**TASK GOAL**
With the material below, print exactly the lines between the line holding "Surface area: 294" and the line holding "Faces by surface type: revolution", inclusive. Add nothing else.

**MATERIAL SHOWN**
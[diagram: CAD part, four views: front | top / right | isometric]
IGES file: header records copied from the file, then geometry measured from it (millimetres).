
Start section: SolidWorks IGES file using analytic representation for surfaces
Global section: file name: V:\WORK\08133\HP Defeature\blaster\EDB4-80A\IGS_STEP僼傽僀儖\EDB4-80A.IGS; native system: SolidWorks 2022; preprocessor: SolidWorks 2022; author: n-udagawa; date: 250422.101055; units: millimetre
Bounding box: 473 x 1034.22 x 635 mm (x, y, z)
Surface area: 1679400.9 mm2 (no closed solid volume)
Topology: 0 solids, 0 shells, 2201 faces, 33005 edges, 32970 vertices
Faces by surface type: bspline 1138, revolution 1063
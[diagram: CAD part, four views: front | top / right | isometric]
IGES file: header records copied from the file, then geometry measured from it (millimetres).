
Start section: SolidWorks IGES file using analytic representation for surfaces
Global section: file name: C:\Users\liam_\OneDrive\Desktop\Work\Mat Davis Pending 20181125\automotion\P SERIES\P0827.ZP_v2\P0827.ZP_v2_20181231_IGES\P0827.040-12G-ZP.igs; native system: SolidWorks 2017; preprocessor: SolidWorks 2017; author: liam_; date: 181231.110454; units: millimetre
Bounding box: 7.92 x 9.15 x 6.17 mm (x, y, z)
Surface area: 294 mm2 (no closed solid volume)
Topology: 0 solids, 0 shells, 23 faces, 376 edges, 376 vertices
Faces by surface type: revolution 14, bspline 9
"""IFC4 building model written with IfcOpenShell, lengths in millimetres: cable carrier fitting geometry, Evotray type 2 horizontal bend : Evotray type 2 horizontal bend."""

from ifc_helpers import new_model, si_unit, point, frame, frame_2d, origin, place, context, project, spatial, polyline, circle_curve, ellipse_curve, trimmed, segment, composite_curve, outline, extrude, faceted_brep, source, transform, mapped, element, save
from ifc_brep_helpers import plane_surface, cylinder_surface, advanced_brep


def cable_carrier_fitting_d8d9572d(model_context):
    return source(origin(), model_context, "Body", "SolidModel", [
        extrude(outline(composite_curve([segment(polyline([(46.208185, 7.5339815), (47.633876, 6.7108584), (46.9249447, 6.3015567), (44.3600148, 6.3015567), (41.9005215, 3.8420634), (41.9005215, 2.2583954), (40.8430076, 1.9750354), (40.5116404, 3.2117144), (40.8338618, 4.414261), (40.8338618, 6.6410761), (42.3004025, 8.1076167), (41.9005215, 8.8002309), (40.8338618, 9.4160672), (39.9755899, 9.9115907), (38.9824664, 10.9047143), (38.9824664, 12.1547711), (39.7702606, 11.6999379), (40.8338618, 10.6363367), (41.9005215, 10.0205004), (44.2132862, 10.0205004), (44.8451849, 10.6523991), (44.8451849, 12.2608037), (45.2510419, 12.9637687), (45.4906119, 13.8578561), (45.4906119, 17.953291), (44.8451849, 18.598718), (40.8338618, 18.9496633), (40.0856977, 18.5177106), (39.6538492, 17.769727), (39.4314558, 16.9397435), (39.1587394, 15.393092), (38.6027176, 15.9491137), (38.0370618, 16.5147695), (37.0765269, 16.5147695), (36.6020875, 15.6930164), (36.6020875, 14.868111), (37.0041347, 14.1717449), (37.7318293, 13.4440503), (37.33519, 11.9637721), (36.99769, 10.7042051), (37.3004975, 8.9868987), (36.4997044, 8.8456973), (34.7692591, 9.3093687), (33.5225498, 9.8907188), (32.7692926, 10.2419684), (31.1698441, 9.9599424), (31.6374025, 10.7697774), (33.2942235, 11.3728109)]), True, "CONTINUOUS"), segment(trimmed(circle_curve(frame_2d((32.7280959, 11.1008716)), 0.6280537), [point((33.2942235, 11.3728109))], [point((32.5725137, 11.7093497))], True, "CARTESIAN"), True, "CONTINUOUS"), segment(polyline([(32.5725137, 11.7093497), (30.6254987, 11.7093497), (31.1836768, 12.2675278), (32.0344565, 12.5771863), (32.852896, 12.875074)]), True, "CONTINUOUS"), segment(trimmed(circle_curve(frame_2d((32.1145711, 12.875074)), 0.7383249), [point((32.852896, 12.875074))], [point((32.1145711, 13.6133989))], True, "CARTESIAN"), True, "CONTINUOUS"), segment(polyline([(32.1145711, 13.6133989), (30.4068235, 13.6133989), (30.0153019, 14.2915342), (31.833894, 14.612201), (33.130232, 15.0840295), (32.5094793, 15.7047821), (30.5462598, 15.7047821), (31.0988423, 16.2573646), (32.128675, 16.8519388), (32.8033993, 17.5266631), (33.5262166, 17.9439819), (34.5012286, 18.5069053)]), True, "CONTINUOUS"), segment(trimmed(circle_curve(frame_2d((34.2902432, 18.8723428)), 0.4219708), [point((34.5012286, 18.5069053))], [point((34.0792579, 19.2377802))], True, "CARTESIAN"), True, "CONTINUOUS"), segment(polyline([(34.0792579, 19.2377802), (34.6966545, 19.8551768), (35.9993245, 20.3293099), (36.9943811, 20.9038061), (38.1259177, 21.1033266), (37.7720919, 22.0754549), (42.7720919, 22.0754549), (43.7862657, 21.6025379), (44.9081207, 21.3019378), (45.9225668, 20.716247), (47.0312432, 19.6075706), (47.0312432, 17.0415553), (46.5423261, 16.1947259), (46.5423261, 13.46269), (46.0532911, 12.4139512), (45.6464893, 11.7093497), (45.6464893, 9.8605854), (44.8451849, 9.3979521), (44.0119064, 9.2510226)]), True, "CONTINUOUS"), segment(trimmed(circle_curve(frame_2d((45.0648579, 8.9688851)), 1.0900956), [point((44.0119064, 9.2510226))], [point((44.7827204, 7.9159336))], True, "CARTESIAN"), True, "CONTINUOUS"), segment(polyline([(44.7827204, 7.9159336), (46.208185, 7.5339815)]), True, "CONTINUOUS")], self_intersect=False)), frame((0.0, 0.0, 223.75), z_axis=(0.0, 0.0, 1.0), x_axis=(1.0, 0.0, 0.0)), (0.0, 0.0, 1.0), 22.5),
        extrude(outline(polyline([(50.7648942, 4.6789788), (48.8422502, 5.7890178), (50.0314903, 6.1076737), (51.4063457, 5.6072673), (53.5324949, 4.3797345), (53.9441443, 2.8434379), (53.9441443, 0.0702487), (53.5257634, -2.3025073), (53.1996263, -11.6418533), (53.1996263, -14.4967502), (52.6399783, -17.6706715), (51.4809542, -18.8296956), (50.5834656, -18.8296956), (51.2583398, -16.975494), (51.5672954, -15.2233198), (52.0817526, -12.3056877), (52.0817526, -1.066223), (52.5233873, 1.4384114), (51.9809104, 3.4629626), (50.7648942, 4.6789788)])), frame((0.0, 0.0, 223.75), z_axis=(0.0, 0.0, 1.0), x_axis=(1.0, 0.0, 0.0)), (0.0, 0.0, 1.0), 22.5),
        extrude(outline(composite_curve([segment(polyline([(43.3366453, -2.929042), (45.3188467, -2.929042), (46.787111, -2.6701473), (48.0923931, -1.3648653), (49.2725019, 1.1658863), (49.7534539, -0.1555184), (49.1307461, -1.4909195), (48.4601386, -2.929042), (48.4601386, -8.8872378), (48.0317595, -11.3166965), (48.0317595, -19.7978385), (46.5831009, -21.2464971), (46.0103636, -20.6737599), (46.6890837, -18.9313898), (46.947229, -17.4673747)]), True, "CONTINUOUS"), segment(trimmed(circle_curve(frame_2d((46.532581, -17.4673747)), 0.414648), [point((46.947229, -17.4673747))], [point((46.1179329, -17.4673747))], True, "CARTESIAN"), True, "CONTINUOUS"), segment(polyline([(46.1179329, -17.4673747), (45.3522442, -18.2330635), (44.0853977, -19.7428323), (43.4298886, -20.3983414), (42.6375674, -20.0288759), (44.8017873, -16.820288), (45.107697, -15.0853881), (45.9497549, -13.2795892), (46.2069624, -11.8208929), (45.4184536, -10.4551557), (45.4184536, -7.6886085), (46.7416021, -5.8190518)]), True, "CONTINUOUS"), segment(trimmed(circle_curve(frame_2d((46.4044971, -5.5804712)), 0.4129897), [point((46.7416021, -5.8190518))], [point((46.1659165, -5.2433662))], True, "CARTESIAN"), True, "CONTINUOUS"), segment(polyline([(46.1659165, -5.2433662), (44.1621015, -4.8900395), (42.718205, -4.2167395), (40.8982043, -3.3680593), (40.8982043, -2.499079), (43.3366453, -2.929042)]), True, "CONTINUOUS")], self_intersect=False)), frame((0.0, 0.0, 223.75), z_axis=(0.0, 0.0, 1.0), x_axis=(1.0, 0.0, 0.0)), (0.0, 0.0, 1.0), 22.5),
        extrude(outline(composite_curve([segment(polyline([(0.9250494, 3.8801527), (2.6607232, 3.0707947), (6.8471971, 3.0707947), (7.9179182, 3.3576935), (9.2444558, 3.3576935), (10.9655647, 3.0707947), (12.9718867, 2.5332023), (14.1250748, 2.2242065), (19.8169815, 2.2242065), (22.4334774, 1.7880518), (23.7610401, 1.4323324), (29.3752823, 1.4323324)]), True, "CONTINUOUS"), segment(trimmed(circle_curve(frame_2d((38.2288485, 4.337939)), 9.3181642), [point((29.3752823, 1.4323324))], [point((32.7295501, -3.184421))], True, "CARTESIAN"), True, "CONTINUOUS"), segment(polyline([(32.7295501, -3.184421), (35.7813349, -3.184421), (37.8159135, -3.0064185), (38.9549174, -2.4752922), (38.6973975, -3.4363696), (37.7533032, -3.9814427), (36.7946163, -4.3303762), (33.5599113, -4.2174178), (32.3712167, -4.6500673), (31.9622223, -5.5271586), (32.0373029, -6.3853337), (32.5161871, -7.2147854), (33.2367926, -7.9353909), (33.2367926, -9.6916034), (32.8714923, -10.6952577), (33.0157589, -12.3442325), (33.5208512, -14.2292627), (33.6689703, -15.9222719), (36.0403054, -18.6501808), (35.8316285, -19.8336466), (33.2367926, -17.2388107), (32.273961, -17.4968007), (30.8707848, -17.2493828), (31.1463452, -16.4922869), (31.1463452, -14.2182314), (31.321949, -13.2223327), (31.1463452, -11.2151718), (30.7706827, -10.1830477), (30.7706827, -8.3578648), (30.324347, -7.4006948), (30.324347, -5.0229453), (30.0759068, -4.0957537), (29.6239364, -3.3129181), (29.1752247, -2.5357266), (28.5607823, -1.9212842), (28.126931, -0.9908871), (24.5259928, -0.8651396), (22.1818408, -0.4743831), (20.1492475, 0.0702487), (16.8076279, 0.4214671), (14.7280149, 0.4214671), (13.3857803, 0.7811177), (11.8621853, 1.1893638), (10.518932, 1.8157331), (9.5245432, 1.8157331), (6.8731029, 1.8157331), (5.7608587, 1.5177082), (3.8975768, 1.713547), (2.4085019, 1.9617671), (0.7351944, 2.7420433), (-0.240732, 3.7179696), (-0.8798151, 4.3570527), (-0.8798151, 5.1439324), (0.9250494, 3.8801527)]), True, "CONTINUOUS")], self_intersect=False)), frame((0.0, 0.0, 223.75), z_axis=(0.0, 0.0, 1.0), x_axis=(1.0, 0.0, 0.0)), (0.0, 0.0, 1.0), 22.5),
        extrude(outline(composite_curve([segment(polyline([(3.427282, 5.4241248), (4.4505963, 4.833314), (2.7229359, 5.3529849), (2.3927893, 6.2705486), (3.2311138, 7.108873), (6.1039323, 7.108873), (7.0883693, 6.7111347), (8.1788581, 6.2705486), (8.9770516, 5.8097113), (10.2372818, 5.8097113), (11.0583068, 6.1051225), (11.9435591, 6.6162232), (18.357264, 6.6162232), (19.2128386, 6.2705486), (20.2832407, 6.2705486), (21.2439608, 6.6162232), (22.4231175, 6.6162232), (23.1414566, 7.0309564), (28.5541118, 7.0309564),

**PROBLEM SOLUTION**
Surface area: 294 mm2 (no closed solid volume)
Topology: 0 solids, 0 shells, 23 faces, 376 edges, 376 vertices
Faces by surface type: revolution 14, bspline 9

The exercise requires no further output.